Schon ärgerlich, dieser unter Besuchern des Konzertdoppels Randy Crawford & Joe Sample in der Laeiszhalle verbreitete Irrtum: Dass der Pianist eine Art billige Dreingabe ist, bei dessen Alleingang man schwatzen darf und noch mal flott aufs Klo geht. Ärgerlich, weil Joe Sample alles andere als ein lästiger Platzhalter ist. Sample ist ein Stück Jazzgeschichte, steht seit über 40 Jahren für die Kombi zwischen Jazzclub, Konzerthalle und Dancefloor. Sample spielt die Grooves und plaudert drüber, wo sie herkommen. Ins Trio hat er neben seinem Sohn Nick am Bass die New-Orleans-Blues-Legende Johnny Vidacovich geholt. Um bloß nie die Bodenhaftung zu verlieren.

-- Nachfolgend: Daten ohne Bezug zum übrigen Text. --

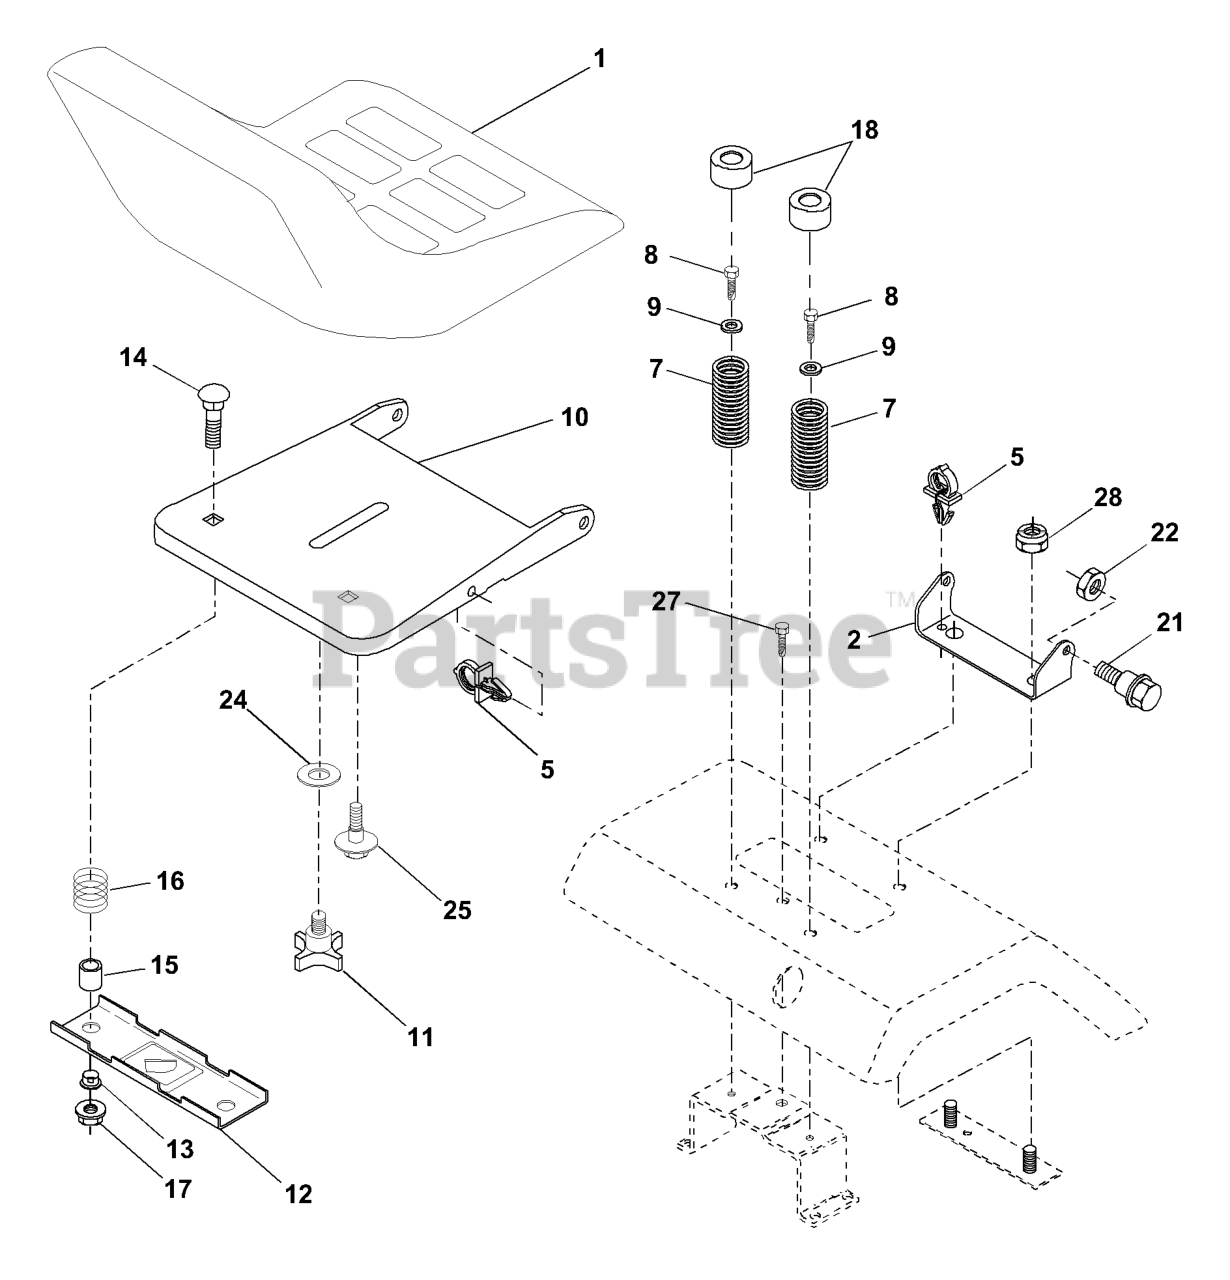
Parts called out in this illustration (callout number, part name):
1	SEAT
2	SEAT PIVOT BRKT
7	SPRING COMPRESSION
8	Screw Hwsh Thdrol 5/16-18 x 1/2
9	WASHER
10	SEAT PAN
11	KNOB 1/2" YT
12	BRKT SWITCH
14	Bolt Rdhd Sht Nk 1/4-20x1-3/8
15	SPACER SPLIT
16	SPRING COMPRESSED
17	NUT T
18	CAP SPRING
21	BOLT.SHOULDER.5/16-18
22	LOCKNUT
25	BOLT,SHOULD
27	SCREW LT

Ärgerlich ist diese Missachtung von Sample aber auch, wenn man die Rolle von Randy Crawford betrachtet. Der es gelungen war, mit ihrem guten Namen den Saal bis auf den letzten Hörplatz zu füllen. Und die dann arg schwächelte.

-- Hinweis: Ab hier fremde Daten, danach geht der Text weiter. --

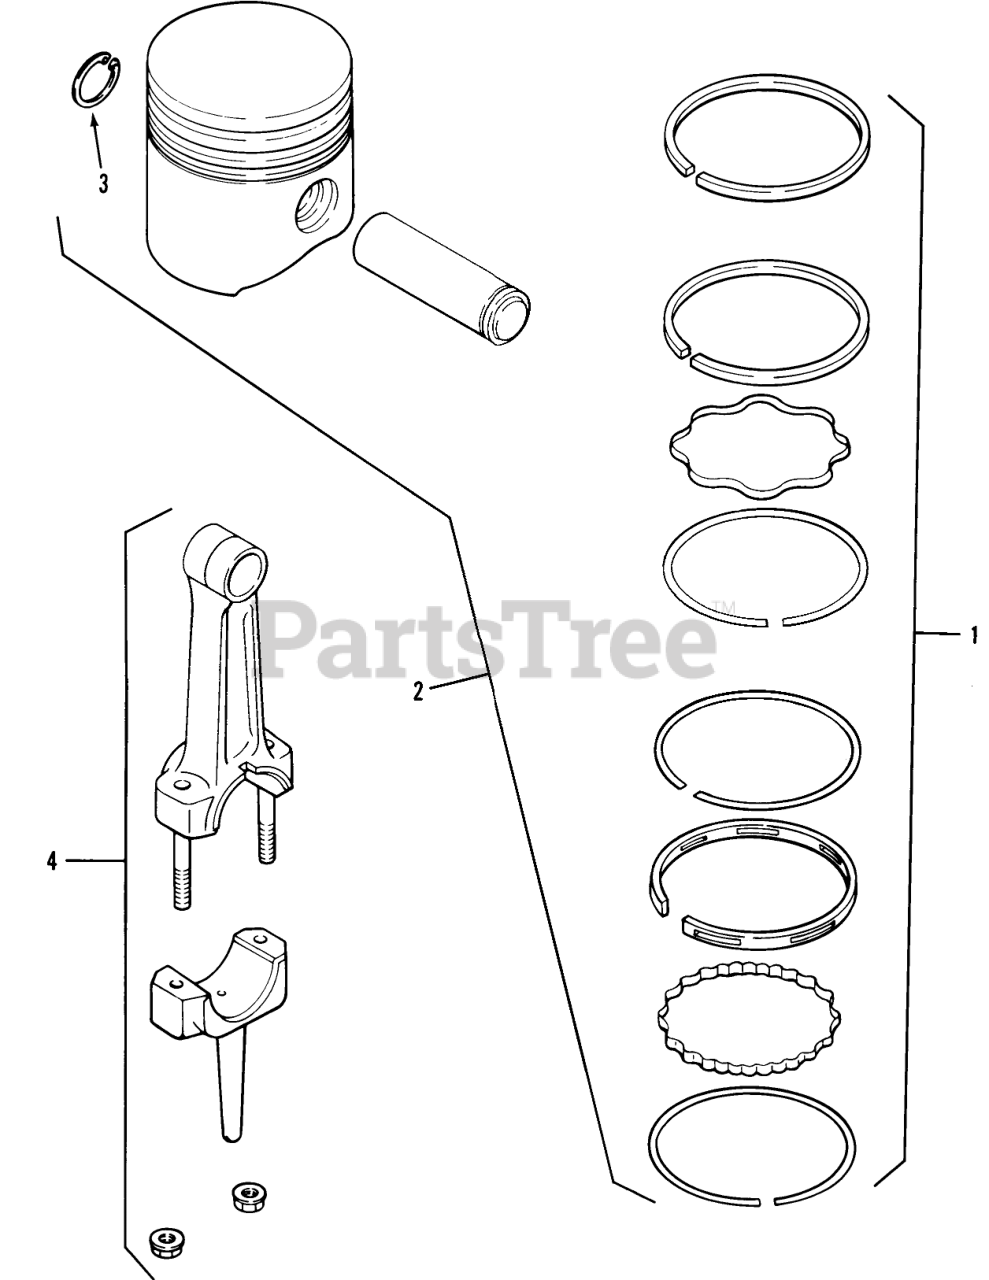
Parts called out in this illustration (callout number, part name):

Randy Crawford hat eine unglaubliche Stimme, sie schmeichelt und schnurrt, rückt uns immer näher - unanständig nah. Was ein Erlebnis ist. Dem aber arg viele Fehlstarts gegenüber stehen. Und sogar übles Pathos und erbärmliches Deklamieren - eine Diva auf Autopilot, die den Crusaders-Klassiker "One Day I'll Fly Away" in Grund und Boden leiert. Und die nur noch in jenen Mega-Hits wirklich glänzt, die sie zutiefst verinnerlicht hat: "Rainy Night in Georgia" und "Street Life".

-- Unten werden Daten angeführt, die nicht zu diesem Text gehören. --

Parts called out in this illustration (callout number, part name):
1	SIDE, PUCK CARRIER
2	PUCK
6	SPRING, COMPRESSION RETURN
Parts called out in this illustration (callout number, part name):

Den Rest ihres gerade mal 50-minütigen Auftritts hätte man gern Joe Samples lässiger Geschichtsstunde zugeschlagen. In der der Jazz tiefe Wurzeln im Blues hat, seine Triebe aber bis weit in den Soul und Pop hineinreichen. Und sich niemand verzweifelt bemüht, an alte Tage anzuknüpfen.